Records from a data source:

********

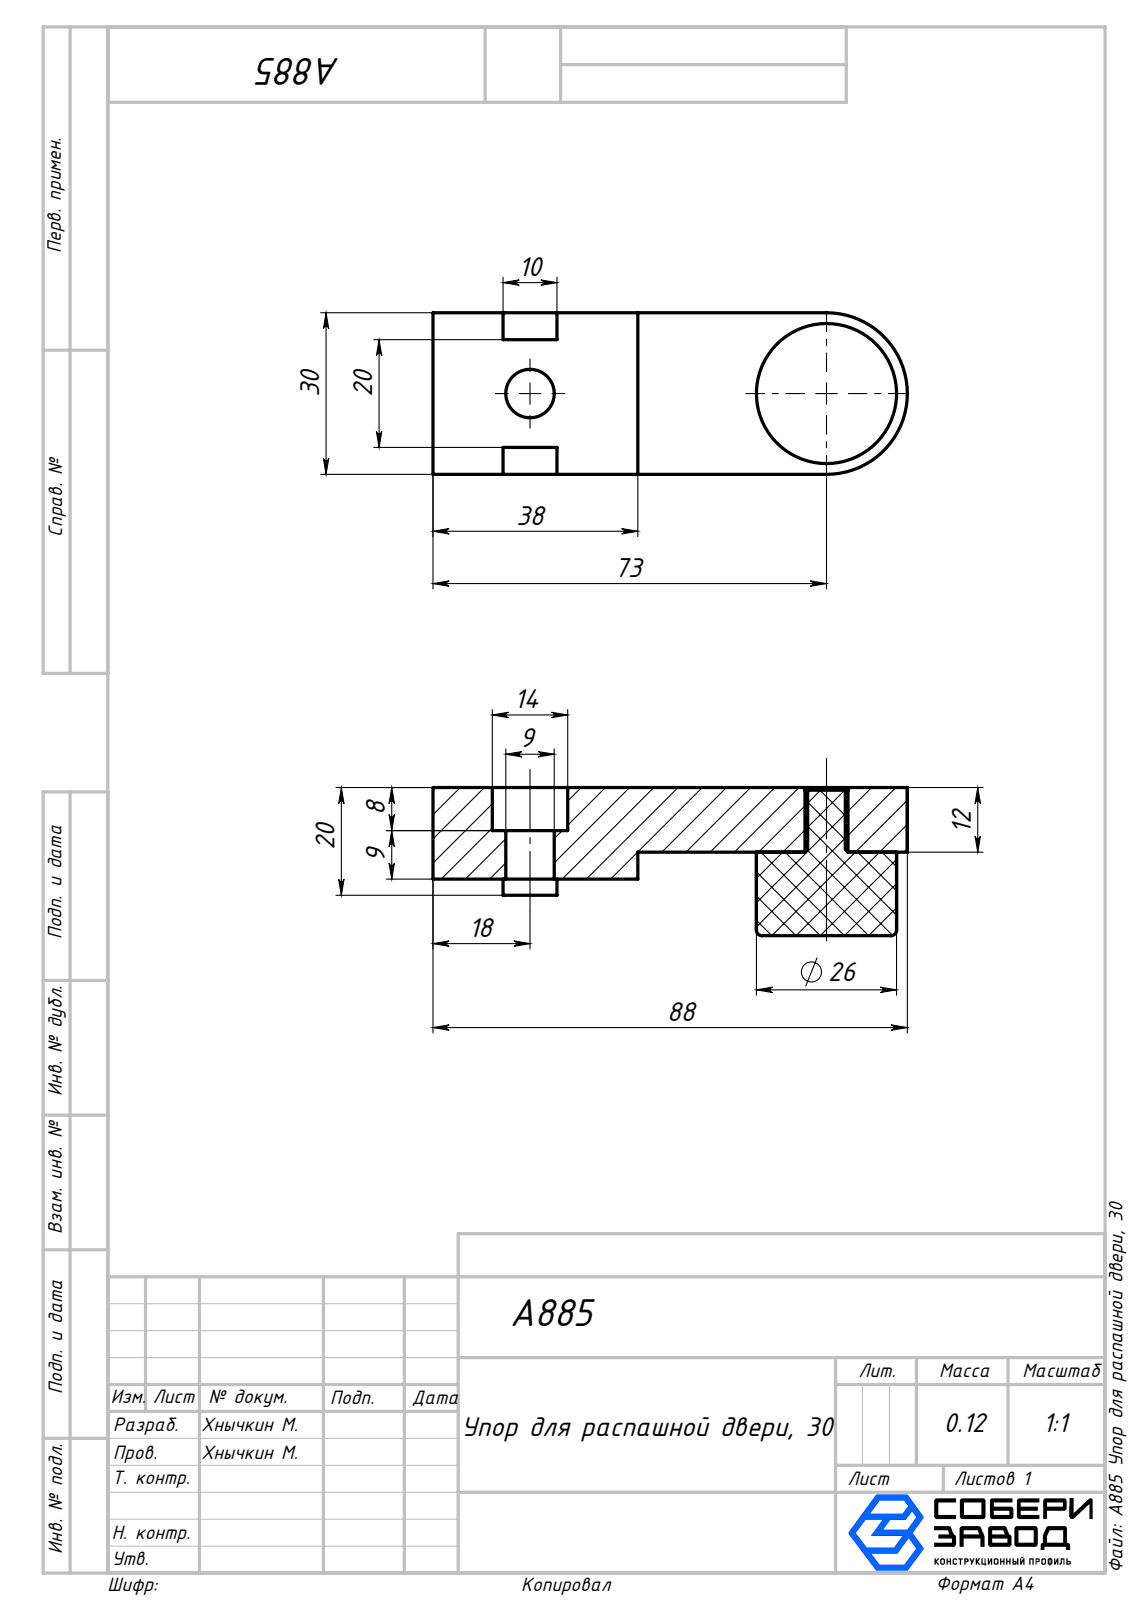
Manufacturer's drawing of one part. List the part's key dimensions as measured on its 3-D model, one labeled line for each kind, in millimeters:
Part name (STEP PRODUCT): A885 Упор для распашной двери, 30; A885 Ножка_00; A885 Корпус_00
STEP written by: SolidWorks 2025 (AUTOMOTIVE_DESIGN)
Units: millimetres
Bodies: 2 solids, 37 faces (19 planar, 12 cylindrical, 6 other)
Overall size (bounding box): 88 × 30 × 27.5
Volume: 43 040 mm³ · Surface area: 11 860 mm²
Round holes (diameter × count): ⌀7 ×1, ⌀9 ×1, ⌀14 ×1
Round bosses / shafts (diameter × count): ⌀26 ×1, ⌀8 ×1
Partial cylindrical surfaces — rounded edges, fillets, slot ends (radius × count): R15 ×1
Main face-to-face distances: 12, 30, 5, 17, 10.5, 15.5, 27.5, 8, 7.5, 38
Hole centre spacings: 55
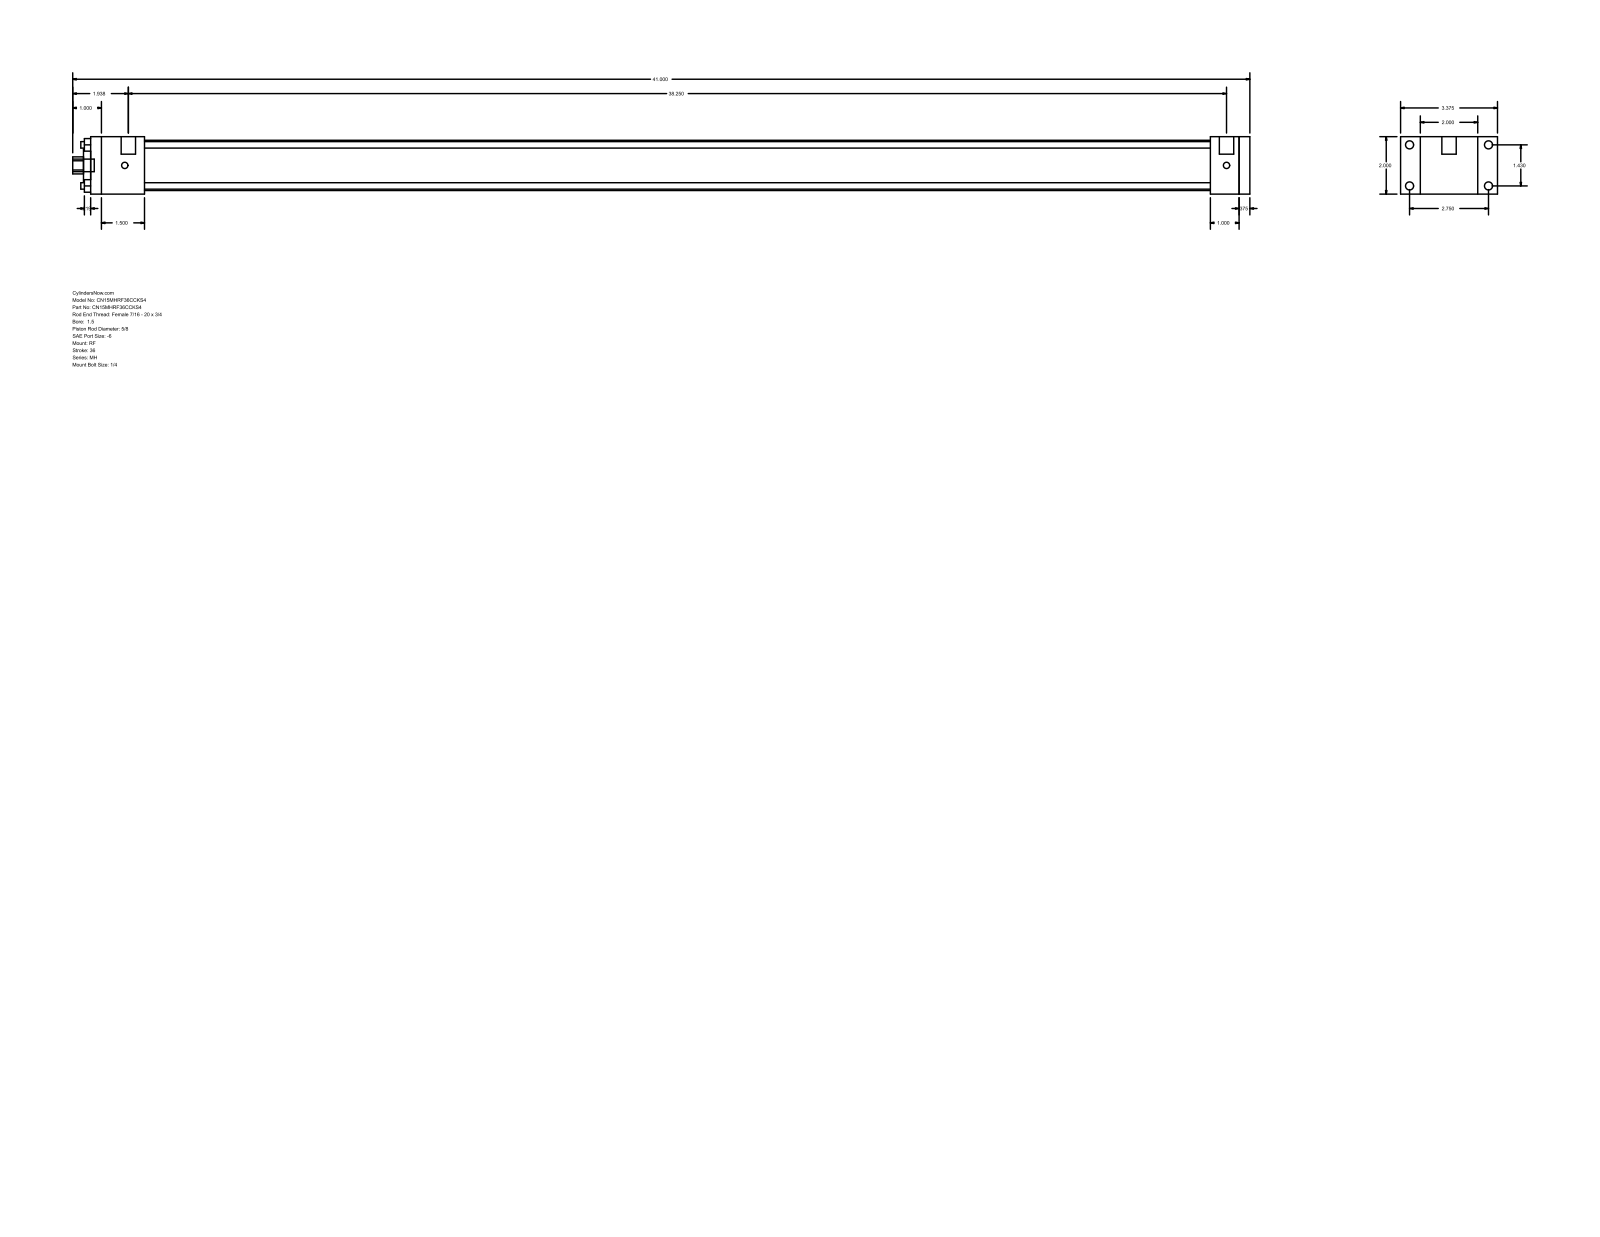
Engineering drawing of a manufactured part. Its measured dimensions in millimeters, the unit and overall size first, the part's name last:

********

▶ **What this task involves**: When you give the entries again, keep them exact and omit any picture they contain.

▶ **Your response**:
Manufacturer's drawing of one part. List the part's key dimensions as measured on its 3-D model, one labeled line for each kind, in millimeters:
Part name (STEP PRODUCT): A885 Упор для распашной двери, 30; A885 Ножка_00; A885 Корпус_00
STEP written by: SolidWorks 2025 (AUTOMOTIVE_DESIGN)
Units: millimetres
Bodies: 2 solids, 37 faces (19 planar, 12 cylindrical, 6 other)
Overall size (bounding box): 88 × 30 × 27.5
Volume: 43 040 mm³ · Surface area: 11 860 mm²
Round holes (diameter × count): ⌀7 ×1, ⌀9 ×1, ⌀14 ×1
Round bosses / shafts (diameter × count): ⌀26 ×1, ⌀8 ×1
Partial cylindrical surfaces — rounded edges, fillets, slot ends (radius × count): R15 ×1
Main face-to-face distances: 12, 30, 5, 17, 10.5, 15.5, 27.5, 8, 7.5, 38
Hole centre spacings: 55
Engineering drawing of a manufactured part. Its measured dimensions in millimeters, the unit and overall size first, the part's name last:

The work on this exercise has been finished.